Work instruction »
Of the lines below, report only those that contain "Existing".
╭──
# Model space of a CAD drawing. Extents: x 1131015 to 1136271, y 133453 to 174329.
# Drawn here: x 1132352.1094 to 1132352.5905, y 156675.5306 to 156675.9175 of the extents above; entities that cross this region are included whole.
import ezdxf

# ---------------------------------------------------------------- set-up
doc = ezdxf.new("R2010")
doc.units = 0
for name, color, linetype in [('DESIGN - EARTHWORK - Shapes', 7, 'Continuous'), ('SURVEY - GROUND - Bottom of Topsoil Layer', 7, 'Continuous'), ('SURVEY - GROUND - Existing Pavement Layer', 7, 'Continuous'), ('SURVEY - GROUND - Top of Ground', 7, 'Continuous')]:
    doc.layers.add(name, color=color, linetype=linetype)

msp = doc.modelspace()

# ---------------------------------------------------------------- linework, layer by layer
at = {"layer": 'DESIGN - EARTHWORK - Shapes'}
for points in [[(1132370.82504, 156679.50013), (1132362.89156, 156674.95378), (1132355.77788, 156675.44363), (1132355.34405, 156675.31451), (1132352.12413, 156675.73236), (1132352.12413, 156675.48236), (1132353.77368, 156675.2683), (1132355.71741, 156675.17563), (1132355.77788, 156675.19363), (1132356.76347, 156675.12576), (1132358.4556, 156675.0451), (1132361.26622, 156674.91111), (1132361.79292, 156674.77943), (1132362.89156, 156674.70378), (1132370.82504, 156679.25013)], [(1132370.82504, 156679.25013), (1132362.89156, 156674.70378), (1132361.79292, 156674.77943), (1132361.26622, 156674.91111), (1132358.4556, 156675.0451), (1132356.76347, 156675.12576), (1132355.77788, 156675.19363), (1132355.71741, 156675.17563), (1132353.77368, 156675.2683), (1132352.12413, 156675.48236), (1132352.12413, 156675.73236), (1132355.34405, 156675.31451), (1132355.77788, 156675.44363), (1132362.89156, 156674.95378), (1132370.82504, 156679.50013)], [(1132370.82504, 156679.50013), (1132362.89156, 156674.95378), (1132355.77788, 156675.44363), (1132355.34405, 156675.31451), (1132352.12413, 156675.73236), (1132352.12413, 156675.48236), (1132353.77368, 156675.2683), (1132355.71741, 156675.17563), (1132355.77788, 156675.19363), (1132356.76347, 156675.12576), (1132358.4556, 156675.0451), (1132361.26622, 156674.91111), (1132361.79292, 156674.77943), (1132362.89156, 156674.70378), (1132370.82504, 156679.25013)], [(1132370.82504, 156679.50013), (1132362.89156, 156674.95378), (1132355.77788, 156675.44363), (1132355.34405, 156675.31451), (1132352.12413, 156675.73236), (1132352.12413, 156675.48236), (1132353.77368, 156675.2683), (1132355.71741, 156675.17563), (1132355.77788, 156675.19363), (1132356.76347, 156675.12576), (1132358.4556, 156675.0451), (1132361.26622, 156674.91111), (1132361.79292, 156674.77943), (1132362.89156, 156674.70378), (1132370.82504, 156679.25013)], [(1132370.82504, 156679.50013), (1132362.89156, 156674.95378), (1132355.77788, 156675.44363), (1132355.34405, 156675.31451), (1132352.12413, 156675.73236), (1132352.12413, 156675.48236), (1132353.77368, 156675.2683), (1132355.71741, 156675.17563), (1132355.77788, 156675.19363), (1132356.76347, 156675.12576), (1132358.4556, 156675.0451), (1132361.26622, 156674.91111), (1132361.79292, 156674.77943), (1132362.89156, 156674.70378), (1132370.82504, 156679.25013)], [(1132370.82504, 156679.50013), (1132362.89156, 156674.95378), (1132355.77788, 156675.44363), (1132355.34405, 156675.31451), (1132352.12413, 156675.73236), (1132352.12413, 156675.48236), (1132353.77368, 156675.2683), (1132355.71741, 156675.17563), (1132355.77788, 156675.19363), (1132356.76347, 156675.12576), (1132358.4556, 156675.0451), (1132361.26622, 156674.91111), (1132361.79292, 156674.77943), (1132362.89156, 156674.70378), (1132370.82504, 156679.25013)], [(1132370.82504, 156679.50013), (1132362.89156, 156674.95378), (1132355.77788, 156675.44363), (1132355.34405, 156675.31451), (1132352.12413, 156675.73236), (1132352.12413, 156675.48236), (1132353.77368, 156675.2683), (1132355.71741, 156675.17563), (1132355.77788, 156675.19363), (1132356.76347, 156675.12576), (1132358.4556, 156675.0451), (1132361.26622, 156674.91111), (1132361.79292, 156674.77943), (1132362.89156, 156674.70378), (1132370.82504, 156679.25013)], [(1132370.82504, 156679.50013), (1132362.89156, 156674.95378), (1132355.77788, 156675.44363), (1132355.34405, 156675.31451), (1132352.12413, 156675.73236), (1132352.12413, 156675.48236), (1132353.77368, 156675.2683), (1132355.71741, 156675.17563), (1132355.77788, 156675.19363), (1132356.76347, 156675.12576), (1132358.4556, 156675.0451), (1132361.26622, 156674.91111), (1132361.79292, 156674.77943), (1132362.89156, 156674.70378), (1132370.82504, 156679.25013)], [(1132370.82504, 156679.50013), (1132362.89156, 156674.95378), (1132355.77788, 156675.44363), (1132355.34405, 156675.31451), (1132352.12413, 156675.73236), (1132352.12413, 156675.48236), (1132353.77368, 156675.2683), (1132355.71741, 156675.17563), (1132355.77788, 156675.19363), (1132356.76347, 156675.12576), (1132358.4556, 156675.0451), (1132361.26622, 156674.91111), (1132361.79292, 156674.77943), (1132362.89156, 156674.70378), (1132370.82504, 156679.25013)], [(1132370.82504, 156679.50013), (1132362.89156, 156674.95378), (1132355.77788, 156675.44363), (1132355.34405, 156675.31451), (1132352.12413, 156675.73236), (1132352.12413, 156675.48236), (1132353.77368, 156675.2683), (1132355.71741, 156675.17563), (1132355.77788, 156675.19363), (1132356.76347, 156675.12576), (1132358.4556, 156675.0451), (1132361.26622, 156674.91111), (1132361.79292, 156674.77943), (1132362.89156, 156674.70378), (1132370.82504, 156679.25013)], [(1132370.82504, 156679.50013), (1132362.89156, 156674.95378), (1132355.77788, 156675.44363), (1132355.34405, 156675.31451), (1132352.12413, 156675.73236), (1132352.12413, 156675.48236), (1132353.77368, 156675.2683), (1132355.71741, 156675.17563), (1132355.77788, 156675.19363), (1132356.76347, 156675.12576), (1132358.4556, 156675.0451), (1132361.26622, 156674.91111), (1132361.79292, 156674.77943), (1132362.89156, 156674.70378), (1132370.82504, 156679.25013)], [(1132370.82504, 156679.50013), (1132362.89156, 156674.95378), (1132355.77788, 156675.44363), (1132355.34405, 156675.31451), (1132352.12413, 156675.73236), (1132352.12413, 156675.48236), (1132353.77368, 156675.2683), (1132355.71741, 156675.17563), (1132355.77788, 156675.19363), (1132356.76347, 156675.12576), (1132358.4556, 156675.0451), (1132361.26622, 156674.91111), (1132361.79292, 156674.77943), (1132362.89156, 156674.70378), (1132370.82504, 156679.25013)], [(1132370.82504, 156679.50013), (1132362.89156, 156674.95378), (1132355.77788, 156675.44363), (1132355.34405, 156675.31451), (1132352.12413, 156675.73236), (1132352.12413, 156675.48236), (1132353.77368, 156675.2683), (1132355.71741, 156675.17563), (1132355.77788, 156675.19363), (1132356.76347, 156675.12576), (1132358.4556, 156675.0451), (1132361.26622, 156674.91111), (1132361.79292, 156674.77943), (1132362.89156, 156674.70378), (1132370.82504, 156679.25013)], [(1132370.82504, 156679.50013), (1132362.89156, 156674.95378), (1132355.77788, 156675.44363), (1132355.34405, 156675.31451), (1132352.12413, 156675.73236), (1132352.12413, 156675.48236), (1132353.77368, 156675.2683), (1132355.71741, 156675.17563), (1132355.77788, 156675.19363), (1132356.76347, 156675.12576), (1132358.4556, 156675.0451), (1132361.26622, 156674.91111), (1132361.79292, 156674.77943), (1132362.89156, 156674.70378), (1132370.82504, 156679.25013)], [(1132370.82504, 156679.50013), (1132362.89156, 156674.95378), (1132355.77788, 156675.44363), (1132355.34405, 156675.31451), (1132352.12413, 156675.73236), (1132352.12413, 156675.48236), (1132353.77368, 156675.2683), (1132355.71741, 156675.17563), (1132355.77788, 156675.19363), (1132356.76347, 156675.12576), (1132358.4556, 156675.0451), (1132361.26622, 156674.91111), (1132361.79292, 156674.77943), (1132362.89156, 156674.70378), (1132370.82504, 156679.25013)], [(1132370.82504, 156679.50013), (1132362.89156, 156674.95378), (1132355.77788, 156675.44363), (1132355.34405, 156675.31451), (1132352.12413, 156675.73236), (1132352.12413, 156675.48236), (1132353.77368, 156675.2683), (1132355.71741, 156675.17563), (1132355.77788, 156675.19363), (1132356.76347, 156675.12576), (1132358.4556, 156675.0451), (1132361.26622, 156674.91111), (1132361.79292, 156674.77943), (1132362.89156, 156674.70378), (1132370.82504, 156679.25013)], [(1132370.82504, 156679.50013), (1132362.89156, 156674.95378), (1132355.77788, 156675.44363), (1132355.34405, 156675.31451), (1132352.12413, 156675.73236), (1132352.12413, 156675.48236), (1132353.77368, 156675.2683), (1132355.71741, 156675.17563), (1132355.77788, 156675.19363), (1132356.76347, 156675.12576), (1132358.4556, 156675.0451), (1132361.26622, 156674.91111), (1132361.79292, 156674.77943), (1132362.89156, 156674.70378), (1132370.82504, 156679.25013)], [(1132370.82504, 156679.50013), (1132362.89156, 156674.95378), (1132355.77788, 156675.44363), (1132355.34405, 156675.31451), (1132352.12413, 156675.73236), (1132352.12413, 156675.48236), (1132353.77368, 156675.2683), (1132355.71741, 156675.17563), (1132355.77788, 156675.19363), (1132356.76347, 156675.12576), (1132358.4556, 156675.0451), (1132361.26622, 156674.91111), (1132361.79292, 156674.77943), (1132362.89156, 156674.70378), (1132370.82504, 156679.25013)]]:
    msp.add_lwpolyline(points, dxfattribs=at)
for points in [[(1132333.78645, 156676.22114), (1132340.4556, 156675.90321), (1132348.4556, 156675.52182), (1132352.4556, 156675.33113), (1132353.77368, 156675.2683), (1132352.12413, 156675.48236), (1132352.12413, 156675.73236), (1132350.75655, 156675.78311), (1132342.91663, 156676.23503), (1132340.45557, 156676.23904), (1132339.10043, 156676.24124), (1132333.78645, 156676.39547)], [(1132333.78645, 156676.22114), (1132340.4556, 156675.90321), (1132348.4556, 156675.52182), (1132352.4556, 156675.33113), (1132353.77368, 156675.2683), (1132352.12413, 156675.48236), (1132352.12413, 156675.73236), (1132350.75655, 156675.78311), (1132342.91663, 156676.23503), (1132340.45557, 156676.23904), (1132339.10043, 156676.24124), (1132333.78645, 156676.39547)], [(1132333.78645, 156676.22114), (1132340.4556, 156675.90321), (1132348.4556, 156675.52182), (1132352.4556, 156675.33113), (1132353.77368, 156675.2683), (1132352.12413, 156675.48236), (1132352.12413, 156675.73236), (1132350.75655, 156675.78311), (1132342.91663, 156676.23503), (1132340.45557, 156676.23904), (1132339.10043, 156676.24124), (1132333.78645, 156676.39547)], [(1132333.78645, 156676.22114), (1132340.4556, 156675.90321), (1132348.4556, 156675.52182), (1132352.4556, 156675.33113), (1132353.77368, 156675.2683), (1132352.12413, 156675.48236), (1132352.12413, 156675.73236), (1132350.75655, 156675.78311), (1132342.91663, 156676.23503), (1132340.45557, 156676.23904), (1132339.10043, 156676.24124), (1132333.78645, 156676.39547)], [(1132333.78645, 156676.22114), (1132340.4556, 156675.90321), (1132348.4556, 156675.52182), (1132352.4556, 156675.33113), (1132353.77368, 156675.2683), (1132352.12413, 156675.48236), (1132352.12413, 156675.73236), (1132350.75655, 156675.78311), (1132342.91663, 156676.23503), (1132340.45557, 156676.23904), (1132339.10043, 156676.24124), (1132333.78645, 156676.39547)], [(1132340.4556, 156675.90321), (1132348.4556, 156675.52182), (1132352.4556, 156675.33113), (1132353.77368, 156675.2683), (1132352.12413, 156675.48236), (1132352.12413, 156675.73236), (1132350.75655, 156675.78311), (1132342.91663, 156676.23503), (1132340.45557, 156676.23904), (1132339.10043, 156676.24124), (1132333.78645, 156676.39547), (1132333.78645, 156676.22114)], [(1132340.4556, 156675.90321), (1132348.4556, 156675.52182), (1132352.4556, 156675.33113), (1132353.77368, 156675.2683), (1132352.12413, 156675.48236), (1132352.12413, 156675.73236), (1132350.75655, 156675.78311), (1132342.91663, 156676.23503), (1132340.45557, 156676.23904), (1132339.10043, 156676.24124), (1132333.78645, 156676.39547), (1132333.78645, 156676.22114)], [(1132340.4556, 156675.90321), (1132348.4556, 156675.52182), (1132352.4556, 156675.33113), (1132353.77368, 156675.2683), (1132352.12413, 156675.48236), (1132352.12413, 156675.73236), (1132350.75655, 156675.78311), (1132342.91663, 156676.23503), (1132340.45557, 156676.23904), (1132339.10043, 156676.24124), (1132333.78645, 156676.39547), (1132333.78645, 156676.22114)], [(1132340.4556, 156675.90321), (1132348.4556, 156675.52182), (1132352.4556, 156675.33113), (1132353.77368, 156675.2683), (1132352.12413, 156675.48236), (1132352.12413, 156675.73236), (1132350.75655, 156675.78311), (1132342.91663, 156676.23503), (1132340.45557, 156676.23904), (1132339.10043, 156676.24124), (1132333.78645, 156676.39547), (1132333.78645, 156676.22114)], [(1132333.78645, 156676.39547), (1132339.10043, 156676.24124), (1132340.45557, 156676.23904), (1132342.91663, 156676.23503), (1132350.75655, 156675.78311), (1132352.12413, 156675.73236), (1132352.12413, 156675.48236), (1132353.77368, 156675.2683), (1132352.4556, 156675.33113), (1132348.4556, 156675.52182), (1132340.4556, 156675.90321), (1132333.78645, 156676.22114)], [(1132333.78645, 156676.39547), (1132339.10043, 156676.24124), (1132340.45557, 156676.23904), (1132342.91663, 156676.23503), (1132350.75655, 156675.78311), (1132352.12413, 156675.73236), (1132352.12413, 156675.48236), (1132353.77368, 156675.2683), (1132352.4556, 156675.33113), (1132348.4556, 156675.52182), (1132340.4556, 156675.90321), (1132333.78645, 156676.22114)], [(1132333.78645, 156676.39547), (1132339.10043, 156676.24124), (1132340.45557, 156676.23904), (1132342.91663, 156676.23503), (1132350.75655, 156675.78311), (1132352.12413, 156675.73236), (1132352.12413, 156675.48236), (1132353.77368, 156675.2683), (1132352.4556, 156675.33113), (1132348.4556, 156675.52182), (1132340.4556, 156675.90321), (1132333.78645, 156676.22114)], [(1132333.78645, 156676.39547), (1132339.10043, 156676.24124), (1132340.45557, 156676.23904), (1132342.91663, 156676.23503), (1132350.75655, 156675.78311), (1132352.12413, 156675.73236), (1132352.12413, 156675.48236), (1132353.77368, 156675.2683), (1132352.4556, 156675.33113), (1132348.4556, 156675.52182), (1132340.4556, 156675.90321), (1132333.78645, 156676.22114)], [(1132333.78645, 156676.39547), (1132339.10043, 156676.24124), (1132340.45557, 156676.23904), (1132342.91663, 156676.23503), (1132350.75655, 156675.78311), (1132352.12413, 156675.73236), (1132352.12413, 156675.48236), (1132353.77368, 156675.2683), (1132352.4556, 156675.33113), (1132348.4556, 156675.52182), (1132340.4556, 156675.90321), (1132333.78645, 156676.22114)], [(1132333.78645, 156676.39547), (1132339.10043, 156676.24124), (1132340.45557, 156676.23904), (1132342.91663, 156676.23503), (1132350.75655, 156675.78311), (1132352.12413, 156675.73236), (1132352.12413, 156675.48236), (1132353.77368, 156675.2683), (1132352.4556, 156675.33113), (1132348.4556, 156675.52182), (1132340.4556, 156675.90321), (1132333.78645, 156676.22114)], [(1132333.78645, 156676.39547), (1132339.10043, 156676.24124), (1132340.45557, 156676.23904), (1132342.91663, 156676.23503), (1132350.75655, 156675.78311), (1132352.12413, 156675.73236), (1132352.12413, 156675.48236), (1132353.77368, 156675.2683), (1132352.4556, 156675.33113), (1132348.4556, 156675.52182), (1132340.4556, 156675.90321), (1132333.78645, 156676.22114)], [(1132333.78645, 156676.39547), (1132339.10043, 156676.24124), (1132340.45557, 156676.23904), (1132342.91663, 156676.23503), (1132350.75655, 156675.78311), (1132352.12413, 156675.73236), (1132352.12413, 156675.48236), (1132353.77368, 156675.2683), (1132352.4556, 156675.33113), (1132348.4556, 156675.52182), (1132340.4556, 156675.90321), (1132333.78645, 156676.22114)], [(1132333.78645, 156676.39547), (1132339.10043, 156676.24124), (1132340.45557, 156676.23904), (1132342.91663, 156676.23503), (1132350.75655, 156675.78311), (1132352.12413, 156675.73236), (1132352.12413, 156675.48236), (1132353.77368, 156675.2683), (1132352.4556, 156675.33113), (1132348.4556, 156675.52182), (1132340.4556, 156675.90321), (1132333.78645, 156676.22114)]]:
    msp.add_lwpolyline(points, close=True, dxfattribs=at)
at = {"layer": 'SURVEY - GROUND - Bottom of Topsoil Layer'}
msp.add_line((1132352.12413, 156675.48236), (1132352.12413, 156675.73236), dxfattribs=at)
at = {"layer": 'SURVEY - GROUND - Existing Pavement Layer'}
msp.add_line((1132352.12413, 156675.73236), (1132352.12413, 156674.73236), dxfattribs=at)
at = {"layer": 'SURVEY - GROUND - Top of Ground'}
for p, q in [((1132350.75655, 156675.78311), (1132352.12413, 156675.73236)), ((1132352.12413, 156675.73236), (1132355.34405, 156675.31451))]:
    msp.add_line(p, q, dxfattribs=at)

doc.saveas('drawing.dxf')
╰──
Response to this task »
for name, color, linetype in [('DESIGN - EARTHWORK - Shapes', 7, 'Continuous'), ('SURVEY - GROUND - Bottom of Topsoil Layer', 7, 'Continuous'), ('SURVEY - GROUND - Existing Pavement Layer', 7, 'Continuous'), ('SURVEY - GROUND - Top of Ground', 7, 'Continuous')]:
at = {"layer": 'SURVEY - GROUND - Existing Pavement Layer'}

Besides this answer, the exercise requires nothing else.